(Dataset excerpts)
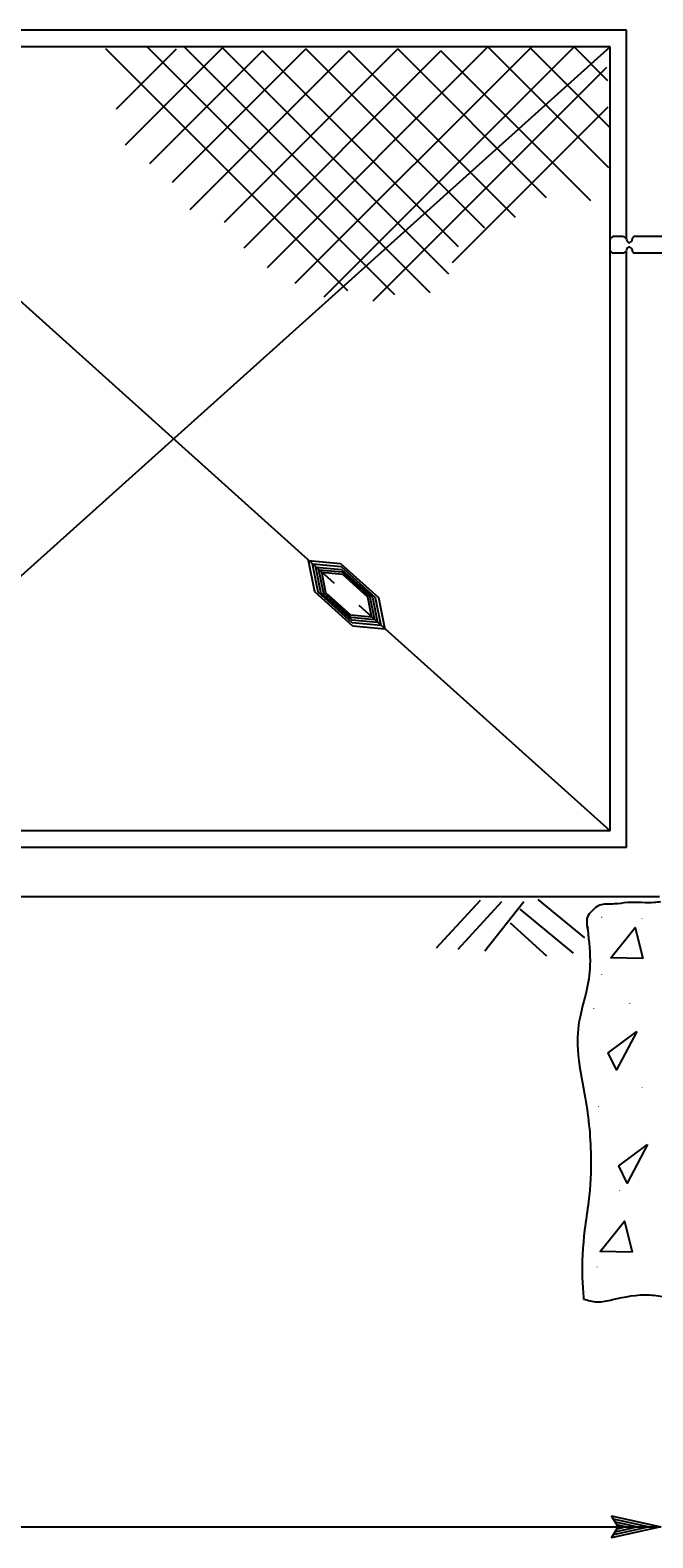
# Model space of a CAD drawing. Extents: x 6710407 to 6714861, y 1868090 to 1871317.
# Drawn here: x 6712744.1 to 6712819.5, y 1870292.1 to 1870474.8 of the extents above; entities that cross this region are included whole.
import ezdxf

# ---------------------------------------------------------------- set-up
doc = ezdxf.new("R2010")
doc.units = 0
for name, color, linetype in [('G-MARK', 7, 'Continuous'), ('G-TEXT', 7, 'Continuous'), ('Nongeo Data(60)', 7, 'Continuous')]:
    doc.layers.add(name, color=color, linetype=linetype)

msp = doc.modelspace()

# ---------------------------------------------------------------- linework, layer by layer
at = {"layer": 'G-MARK'}
msp.add_line((6712595.38, 1870293.46), (6712820.47, 1870293.46), dxfattribs=at)
at = {"layer": 'G-TEXT'}
for p, q in [((6712815.27, 1870293.46), (6712814.47, 1870294.8)), ((6712814.47, 1870294.8), (6712814.47, 1870294.8)), ((6712814.47, 1870294.8), (6712820.47, 1870293.46)), ((6712820.47, 1870293.46), (6712814.47, 1870292.13)), ((6712814.47, 1870292.13), (6712815.27, 1870293.46)), ((6712814.69, 1870294.44), (6712819.09, 1870293.46)), ((6712819.08, 1870293.45), (6712814.71, 1870292.49)), ((6712817.71, 1870293.46), (6712814.88, 1870292.83)), ((6712814.92, 1870294.08), (6712817.71, 1870293.46)), ((6712815.1, 1870293.74), (6712816.33, 1870293.46)), ((6712816.33, 1870293.46), (6712815.12, 1870293.19)), ((6712814.47, 1870292.13), (6712814.47, 1870292.13))]:
    msp.add_line(p, q, dxfattribs=at)
at = {"layer": 'Nongeo Data(60)'}
for p, q in [((6712816.3, 1870474.76), (6712599.3, 1870474.76)), ((6712816.3, 1870449.43), (6712816.3, 1870474.76)), ((6712814.3, 1870472.76), (6712601.3, 1870472.76)), ((6712708.55, 1870472.76), (6712780.87, 1870407.79)), ((6712814.3, 1870472.76), (6712740.11, 1870406.12)), ((6712782.54, 1870443.18), (6712753.23, 1870472.49)), ((6712754.53, 1870465.25), (6712761.77, 1870472.49)), ((6712755.6, 1870460.86), (6712767.47, 1870472.73)), ((6712788.23, 1870442.71), (6712758.21, 1870472.73)), ((6712761.29, 1870456.35), (6712777.43, 1870472.49)), ((6712792.5, 1870442.94), (6712762.72, 1870472.73)), ((6712794.76, 1870445.2), (6712767.23, 1870472.73)), ((6712767.58, 1870451.49), (6712788.59, 1870472.49)), ((6712772.81, 1870446.03), (6712799.51, 1870472.73)), ((6712776.14, 1870444.1), (6712804.89, 1870472.84)), ((6712799.15, 1870450.78), (6712777.43, 1870472.49)), ((6712779.69, 1870442.47), (6712809.95, 1870472.73)), ((6712806.62, 1870454.45), (6712788.59, 1870472.49)), ((6712814.16, 1870458.07), (6712799.51, 1870472.73)), ((6712814.3, 1870462.92), (6712804.73, 1870472.49)), ((6712814.05, 1870468.63), (6712809.95, 1870472.73)), ((6712814.3, 1870449.79), (6712814.3, 1870472.76)), ((6712758.57, 1870458.61), (6712772.21, 1870472.25)), ((6712763.43, 1870453.03), (6712782.65, 1870472.25)), ((6712769.96, 1870448.4), (6712793.81, 1870472.25)), ((6712795.95, 1870448.52), (6712772.21, 1870472.25)), ((6712802.83, 1870452.08), (6712782.65, 1870472.25)), ((6712811.97, 1870454.1), (6712793.81, 1870472.25)), ((6712785.62, 1870441.99), (6712813.9, 1870470.27)), ((6712795.23, 1870446.62), (6712814.09, 1870465.48)), ((6712814.3, 1870377.76), (6712814.3, 1870449.79)), ((6712815.86, 1870449.76), (6712814.72, 1870449.76)), ((6712826, 1870449.76), (6712817.22, 1870449.76)), ((6712815.86, 1870447.76), (6712814.72, 1870447.76)), ((6712816.3, 1870375.76), (6712816.3, 1870448.07)), ((6712826, 1870447.76), (6712817.26, 1870447.76)), ((6712778.55, 1870406.73), (6712777.79, 1870410.52)), ((6712777.79, 1870410.52), (6712781.64, 1870410.16)), ((6712778.93, 1870406.69), (6712778.25, 1870410.1)), ((6712778.25, 1870410.1), (6712781.72, 1870409.78)), ((6712779.28, 1870406.66), (6712778.66, 1870409.73)), ((6712778.66, 1870409.73), (6712781.78, 1870409.44)), ((6712779.59, 1870406.63), (6712779.03, 1870409.39)), ((6712779.03, 1870409.39), (6712781.84, 1870409.13)), ((6712779.87, 1870406.6), (6712779.37, 1870409.09)), ((6712779.37, 1870409.09), (6712781.89, 1870408.85)), ((6712781.64, 1870410.16), (6712786.25, 1870406.02)), ((6712781.72, 1870409.78), (6712785.86, 1870406.05)), ((6712781.78, 1870409.44), (6712785.51, 1870406.08)), ((6712781.84, 1870409.13), (6712785.2, 1870406.11)), ((6712781.89, 1870408.85), (6712784.92, 1870406.13)), ((6712783.16, 1870402.58), (6712778.55, 1870406.73)), ((6712783.08, 1870402.96), (6712778.93, 1870406.69)), ((6712783.01, 1870403.3), (6712779.28, 1870406.66)), ((6712782.94, 1870403.6), (6712779.59, 1870406.63)), ((6712782.89, 1870403.88), (6712779.87, 1870406.6)), ((6712783.85, 1870405.12), (6712814.3, 1870377.76)), ((6712784.92, 1870406.13), (6712785.41, 1870403.64)), ((6712785.2, 1870406.11), (6712785.75, 1870403.34)), ((6712785.51, 1870406.08), (6712786.13, 1870403.01)), ((6712785.86, 1870406.05), (6712786.54, 1870402.64)), ((6712786.25, 1870406.02), (6712787.01, 1870402.22)), ((6712785.41, 1870403.64), (6712782.89, 1870403.88)), ((6712785.75, 1870403.34), (6712782.94, 1870403.6)), ((6712786.13, 1870403.01), (6712783.01, 1870403.3)), ((6712786.54, 1870402.64), (6712783.08, 1870402.96)), ((6712787.01, 1870402.22), (6712783.16, 1870402.58)), ((6712814.3, 1870377.76), (6712601.3, 1870377.76)), ((6712816.3, 1870375.76), (6712599.3, 1870375.76)), ((6712820.3, 1870369.76), (6712595.3, 1870369.76)), ((6712798.55, 1870369.32), (6712793.25, 1870363.57)), ((6712801.17, 1870369.17), (6712795.88, 1870363.41)), ((6712803.84, 1870369.17), (6712799.14, 1870363.19)), ((6712803.38, 1870368.27), (6712809.82, 1870362.97)), ((6712805.57, 1870369.45), (6712811.21, 1870364.81)), ((6712802.2, 1870366.62), (6712806.6, 1870362.62))]:
    msp.add_line(p, q, dxfattribs=at)
for points in [[(6712818.28, 1870362.29), (6712814.38, 1870362.4), (6712817.33, 1870366.06)], [(6712817.56, 1870353.48), (6712815.09, 1870348.83), (6712814.06, 1870350.9)], [(6712818.84, 1870339.76), (6712816.37, 1870335.11), (6712815.35, 1870337.19)], [(6712816.99, 1870326.72), (6712813.09, 1870326.83), (6712816.05, 1870330.49)]]:
    msp.add_lwpolyline(points, close=True, dxfattribs=at)
for centre, radius, start, end in [((6712814.74, 1870449.31), 0.45, 90.9719, 166.9649), ((6712815.86, 1870449.31), 0.45, 13.0351, 89.0281), ((6712816.66, 1870449.4), 0.368, 177.9728, 273.0727), ((6712816.47, 1870449.54), 0.552, 292.64, 356.8611), ((6712817.24, 1870449.54), 0.223, 82.9178, 185.5923), ((6712814.73, 1870448.21), 0.45, 193.0351, 269.0281), ((6712815.86, 1870448.21), 0.45, 270.9719, 346.9649), ((6712816.66, 1870448.12), 0.368, 86.9273, 182.0272), ((6712816.47, 1870447.98), 0.552, 3.1389, 67.36), ((6712817.24, 1870447.99), 0.223, 174.4077, 277.0822)]:
    msp.add_arc(centre, radius, start, end, dxfattribs=at)
for points in [[(6712811.59, 1870365.8), (6712811.51, 1870366.85), (6712811.6, 1870367.37), (6712812.13, 1870368.07), (6712812.56, 1870368.51), (6712813.26, 1870368.86), (6712814.84, 1870368.95), (6712816.41, 1870369.12), (6712818.16, 1870369.12), (6712819.65, 1870369.12), (6712820.44, 1870369.21)], [(6712811.55, 1870366.24), (6712811.59, 1870365.8), (6712811.87, 1870361.5), (6712811.4, 1870358.22), (6712810.66, 1870355.23), (6712810.38, 1870351.3), (6712811.22, 1870345.88), (6712811.97, 1870338.39), (6712811.69, 1870332.87), (6712811.22, 1870329.41), (6712810.94, 1870323.52), (6712811.1, 1870321.06)], [(6712811.1, 1870321.06), (6712812.71, 1870320.71), (6712814.59, 1870320.99), (6712819.08, 1870321.55), (6712821.23, 1870321.27), (6712823.66, 1870320.9), (6712826.28, 1870320.71), (6712829.18, 1870320.62), (6712831.89, 1870320.71), (6712833.48, 1870320.9), (6712834.1, 1870321.06)]]:
    msp.add_spline(points, degree=3, dxfattribs=at)

# ---------------------------------------------------------------- texts
for p in [(6712813.23, 1870367.47), (6712818.12, 1870367.33), (6712813.23, 1870360.54), (6712812.26, 1870356.38), (6712816.63, 1870357.01), (6712818.12, 1870346.82), (6712812.83, 1870344.52), (6712815.4, 1870334.33), (6712812.69, 1870325.09)]:
    msp.add_text('.', height=0.8, rotation=266.9315, dxfattribs=at).set_placement(p)

doc.saveas('drawing.dxf')

▶ **Exercise directions**
Pictures excluded, repeat the records exactly from their opening line through the line containing "doc.units = 0".

▶ **Response to this exercise**
# Model space of a CAD drawing. Extents: x 6710407 to 6714861, y 1868090 to 1871317.
# Drawn here: x 6712744.1 to 6712819.5, y 1870292.1 to 1870474.8 of the extents above; entities that cross this region are included whole.
import ezdxf

# ---------------------------------------------------------------- set-up
doc = ezdxf.new("R2010")
doc.units = 0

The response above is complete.